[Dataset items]

===

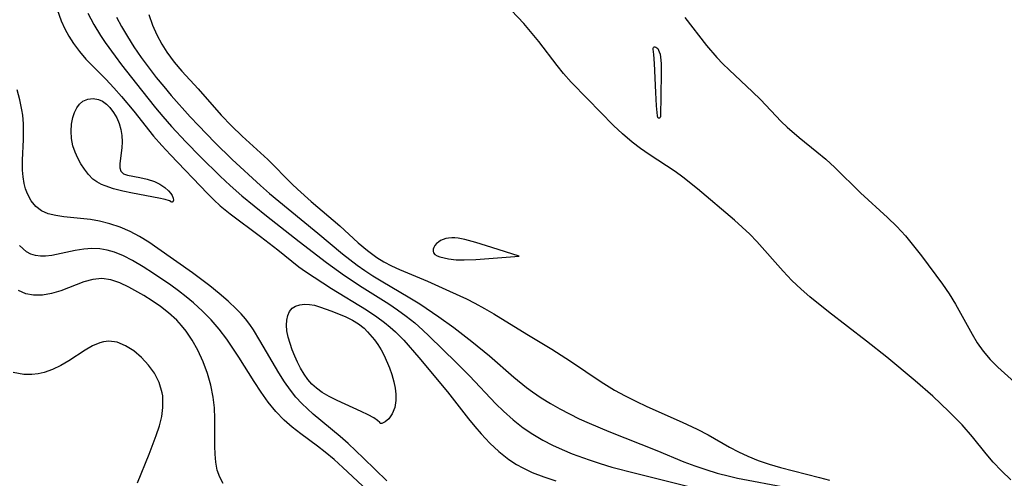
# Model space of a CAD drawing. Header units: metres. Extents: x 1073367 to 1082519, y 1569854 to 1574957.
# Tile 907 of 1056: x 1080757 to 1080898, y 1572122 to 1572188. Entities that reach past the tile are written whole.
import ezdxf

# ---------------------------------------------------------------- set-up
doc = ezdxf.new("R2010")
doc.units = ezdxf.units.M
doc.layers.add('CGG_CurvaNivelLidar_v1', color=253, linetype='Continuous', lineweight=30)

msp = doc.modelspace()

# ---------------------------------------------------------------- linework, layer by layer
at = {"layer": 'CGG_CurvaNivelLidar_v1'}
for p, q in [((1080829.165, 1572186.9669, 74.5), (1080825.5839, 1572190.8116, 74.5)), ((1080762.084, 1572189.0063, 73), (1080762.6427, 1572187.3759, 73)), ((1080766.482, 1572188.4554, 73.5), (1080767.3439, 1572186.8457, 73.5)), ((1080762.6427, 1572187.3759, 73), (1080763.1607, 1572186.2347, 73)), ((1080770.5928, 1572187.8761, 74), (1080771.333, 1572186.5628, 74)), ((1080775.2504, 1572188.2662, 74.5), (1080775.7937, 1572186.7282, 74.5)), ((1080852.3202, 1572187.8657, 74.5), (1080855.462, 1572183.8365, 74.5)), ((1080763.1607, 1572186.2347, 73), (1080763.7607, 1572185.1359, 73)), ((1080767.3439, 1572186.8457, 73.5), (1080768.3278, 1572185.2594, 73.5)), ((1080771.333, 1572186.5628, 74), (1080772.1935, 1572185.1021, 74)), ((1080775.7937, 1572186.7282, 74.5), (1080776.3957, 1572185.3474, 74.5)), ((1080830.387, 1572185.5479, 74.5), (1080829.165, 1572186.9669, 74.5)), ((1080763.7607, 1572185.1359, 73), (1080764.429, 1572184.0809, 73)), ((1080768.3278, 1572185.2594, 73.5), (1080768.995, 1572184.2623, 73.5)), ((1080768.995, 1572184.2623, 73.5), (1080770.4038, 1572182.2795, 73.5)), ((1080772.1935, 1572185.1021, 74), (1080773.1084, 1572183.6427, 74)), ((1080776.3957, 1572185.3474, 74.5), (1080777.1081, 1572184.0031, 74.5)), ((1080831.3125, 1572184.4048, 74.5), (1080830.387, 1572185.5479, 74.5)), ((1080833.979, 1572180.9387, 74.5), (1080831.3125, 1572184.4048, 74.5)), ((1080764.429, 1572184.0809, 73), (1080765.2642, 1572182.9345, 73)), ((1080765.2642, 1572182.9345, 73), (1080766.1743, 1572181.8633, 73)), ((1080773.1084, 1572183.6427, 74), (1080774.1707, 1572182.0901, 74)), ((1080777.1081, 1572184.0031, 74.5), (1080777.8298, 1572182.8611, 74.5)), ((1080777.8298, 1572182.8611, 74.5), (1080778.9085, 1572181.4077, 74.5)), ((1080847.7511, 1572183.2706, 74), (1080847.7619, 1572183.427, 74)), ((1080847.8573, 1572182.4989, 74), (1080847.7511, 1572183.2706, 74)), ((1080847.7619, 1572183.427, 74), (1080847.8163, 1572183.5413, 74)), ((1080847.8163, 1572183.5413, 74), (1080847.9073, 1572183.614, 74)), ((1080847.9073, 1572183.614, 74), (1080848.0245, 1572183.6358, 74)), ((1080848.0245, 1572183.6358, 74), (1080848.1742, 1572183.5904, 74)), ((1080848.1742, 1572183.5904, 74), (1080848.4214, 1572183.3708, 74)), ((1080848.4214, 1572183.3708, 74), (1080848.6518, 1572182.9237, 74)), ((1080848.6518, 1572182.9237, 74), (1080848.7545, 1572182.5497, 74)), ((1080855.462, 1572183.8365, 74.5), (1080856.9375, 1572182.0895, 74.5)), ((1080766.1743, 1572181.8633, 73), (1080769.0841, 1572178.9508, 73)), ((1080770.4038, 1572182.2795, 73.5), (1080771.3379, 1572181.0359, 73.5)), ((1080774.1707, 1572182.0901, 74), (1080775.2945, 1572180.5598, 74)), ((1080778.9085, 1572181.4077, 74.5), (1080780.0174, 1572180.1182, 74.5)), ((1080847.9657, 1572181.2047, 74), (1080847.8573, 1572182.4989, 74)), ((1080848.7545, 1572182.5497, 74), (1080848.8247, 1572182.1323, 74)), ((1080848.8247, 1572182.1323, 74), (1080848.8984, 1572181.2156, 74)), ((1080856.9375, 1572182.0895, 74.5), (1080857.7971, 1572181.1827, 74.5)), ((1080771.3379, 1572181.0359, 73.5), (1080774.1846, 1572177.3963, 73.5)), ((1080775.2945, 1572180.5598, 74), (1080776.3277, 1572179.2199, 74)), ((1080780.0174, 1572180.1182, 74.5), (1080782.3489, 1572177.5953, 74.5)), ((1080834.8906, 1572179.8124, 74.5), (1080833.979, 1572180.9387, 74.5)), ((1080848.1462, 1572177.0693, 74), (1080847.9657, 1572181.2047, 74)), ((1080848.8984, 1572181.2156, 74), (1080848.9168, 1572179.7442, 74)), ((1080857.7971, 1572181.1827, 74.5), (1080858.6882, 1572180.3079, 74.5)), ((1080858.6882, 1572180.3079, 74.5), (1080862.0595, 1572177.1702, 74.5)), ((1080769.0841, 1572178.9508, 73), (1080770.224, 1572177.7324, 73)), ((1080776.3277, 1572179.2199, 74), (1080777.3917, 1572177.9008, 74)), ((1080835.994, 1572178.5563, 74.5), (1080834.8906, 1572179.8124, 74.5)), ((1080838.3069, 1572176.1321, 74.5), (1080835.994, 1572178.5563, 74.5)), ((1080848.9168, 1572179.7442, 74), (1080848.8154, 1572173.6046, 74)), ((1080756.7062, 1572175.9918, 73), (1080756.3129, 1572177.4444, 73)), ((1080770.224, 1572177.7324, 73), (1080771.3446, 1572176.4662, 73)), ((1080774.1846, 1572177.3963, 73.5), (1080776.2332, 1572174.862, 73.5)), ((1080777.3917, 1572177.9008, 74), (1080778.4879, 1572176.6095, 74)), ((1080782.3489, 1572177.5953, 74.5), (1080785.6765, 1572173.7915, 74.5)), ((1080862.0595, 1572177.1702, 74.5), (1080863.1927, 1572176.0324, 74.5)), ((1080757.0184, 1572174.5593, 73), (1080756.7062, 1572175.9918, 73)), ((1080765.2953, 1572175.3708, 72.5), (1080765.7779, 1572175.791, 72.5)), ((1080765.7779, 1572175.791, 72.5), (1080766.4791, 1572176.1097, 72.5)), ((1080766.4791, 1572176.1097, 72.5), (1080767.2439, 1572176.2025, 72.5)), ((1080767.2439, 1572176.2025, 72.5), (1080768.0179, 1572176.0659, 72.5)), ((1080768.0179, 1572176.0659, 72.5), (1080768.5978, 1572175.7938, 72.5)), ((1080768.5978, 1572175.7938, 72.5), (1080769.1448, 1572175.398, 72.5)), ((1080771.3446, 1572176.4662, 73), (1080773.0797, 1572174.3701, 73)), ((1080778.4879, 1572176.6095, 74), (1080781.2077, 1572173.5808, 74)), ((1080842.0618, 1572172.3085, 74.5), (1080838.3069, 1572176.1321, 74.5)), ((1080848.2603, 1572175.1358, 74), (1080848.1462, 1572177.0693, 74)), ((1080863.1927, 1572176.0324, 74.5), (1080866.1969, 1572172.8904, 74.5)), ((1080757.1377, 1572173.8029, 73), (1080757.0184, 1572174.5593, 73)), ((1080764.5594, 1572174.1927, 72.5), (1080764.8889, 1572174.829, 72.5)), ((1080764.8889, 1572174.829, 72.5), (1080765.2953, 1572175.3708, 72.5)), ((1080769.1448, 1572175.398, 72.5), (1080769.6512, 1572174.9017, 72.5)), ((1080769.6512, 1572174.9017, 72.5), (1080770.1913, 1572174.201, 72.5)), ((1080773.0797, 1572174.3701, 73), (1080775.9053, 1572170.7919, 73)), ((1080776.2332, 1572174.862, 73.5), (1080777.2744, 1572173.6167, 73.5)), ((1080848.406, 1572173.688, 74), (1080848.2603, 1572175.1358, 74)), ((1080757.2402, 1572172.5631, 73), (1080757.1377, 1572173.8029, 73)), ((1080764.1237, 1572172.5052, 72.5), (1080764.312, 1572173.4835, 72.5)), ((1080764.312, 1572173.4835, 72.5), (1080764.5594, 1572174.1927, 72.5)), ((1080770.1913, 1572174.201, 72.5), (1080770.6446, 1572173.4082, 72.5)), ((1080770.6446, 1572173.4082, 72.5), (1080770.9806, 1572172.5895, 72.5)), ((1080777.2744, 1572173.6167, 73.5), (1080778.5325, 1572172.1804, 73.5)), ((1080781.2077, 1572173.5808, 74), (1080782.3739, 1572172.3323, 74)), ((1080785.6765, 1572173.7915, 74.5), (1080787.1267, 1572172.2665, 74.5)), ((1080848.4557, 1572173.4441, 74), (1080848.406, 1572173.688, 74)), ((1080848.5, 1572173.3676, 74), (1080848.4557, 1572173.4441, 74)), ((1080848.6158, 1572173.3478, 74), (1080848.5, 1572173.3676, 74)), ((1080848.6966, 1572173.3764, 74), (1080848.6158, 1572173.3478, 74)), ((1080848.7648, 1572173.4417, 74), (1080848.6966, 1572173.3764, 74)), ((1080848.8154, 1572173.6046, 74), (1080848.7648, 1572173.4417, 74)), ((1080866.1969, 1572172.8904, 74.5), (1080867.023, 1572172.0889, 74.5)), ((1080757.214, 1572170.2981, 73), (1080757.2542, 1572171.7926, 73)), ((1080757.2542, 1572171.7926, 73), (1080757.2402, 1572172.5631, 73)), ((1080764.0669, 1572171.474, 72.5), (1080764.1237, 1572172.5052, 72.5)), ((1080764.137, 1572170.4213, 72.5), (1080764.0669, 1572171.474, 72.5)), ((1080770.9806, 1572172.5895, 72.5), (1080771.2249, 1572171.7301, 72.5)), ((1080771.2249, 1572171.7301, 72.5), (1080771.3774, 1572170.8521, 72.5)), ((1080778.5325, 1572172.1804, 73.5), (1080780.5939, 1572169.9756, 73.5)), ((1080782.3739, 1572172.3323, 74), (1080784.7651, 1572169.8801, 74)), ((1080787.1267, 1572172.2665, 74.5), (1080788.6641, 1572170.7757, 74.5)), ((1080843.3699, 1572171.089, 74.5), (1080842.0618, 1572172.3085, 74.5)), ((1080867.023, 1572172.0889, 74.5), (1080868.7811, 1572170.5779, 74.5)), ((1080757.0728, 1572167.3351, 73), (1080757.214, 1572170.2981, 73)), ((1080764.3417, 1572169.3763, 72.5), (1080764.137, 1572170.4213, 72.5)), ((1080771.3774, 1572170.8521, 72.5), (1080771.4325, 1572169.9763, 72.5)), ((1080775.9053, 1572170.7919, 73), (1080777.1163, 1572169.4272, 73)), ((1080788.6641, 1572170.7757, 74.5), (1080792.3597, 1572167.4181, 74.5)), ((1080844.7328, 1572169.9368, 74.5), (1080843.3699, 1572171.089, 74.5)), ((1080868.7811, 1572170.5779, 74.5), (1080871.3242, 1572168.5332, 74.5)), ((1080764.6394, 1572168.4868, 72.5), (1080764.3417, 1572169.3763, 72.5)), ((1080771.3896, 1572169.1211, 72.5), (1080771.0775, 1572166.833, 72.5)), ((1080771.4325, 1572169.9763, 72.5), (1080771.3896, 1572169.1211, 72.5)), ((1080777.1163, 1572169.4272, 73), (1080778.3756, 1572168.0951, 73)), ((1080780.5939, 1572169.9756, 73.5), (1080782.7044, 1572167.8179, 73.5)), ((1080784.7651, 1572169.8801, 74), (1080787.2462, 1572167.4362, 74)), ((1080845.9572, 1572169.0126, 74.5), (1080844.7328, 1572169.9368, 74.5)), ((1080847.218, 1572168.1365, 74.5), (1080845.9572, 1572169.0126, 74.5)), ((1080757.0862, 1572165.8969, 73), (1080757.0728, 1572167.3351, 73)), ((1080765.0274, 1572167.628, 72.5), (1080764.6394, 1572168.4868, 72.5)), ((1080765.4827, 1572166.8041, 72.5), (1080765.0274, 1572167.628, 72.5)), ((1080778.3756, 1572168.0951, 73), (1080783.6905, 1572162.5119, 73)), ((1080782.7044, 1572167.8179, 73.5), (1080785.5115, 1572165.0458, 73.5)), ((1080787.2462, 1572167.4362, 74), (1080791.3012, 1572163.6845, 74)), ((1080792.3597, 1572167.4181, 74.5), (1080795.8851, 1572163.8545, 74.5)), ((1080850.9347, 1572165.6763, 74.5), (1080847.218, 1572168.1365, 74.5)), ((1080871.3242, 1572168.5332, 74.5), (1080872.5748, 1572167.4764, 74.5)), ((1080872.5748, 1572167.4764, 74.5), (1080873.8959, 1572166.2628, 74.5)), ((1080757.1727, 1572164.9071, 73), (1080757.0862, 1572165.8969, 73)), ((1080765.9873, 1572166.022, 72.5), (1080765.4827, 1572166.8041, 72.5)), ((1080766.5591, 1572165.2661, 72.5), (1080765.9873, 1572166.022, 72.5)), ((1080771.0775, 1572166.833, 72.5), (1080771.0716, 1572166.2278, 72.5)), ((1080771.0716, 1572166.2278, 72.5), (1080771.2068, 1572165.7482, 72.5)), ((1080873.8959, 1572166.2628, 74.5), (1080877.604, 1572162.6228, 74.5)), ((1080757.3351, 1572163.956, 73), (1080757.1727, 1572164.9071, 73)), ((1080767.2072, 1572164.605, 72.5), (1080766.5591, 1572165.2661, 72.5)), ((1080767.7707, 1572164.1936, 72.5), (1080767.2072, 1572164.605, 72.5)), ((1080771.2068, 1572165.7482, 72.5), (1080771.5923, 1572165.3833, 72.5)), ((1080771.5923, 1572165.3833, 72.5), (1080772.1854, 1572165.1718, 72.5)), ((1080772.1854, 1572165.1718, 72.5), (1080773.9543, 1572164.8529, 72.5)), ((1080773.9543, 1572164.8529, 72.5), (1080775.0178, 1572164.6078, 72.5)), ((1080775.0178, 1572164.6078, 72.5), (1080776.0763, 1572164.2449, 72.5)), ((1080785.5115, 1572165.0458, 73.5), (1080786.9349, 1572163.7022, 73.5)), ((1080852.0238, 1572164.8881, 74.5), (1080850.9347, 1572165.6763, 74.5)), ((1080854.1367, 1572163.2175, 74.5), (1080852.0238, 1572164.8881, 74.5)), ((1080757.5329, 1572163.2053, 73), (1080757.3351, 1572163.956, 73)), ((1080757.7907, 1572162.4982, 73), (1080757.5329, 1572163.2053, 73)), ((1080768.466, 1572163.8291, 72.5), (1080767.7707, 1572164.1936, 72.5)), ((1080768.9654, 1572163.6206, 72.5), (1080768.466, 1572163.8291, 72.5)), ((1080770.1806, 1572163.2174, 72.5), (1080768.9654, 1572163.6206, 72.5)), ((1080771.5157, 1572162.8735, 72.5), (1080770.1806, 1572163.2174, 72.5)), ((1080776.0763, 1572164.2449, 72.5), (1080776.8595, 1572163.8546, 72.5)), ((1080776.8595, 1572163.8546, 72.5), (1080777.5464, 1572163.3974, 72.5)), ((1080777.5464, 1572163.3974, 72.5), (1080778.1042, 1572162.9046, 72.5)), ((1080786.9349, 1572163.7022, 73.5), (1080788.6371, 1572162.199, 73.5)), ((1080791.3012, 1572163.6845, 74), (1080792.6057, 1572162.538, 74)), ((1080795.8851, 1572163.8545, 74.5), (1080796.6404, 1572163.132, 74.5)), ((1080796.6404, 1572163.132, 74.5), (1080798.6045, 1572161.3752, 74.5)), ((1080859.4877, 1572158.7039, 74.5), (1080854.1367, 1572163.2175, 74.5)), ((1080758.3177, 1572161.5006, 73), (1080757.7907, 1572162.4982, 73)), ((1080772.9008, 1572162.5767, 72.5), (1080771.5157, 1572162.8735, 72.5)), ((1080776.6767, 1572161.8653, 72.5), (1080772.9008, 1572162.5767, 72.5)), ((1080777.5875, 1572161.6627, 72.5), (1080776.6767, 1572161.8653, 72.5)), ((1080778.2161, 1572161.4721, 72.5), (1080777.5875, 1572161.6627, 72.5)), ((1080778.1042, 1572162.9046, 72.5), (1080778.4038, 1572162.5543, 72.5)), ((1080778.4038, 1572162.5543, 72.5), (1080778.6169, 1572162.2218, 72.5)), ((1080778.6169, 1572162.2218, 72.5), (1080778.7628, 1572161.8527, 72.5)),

===

Look over the records above and copy each line that includes the string "units".

SOLVED EXERCISE:
# Model space of a CAD drawing. Header units: metres. Extents: x 1073367 to 1082519, y 1569854 to 1574957.
doc.units = ezdxf.units.M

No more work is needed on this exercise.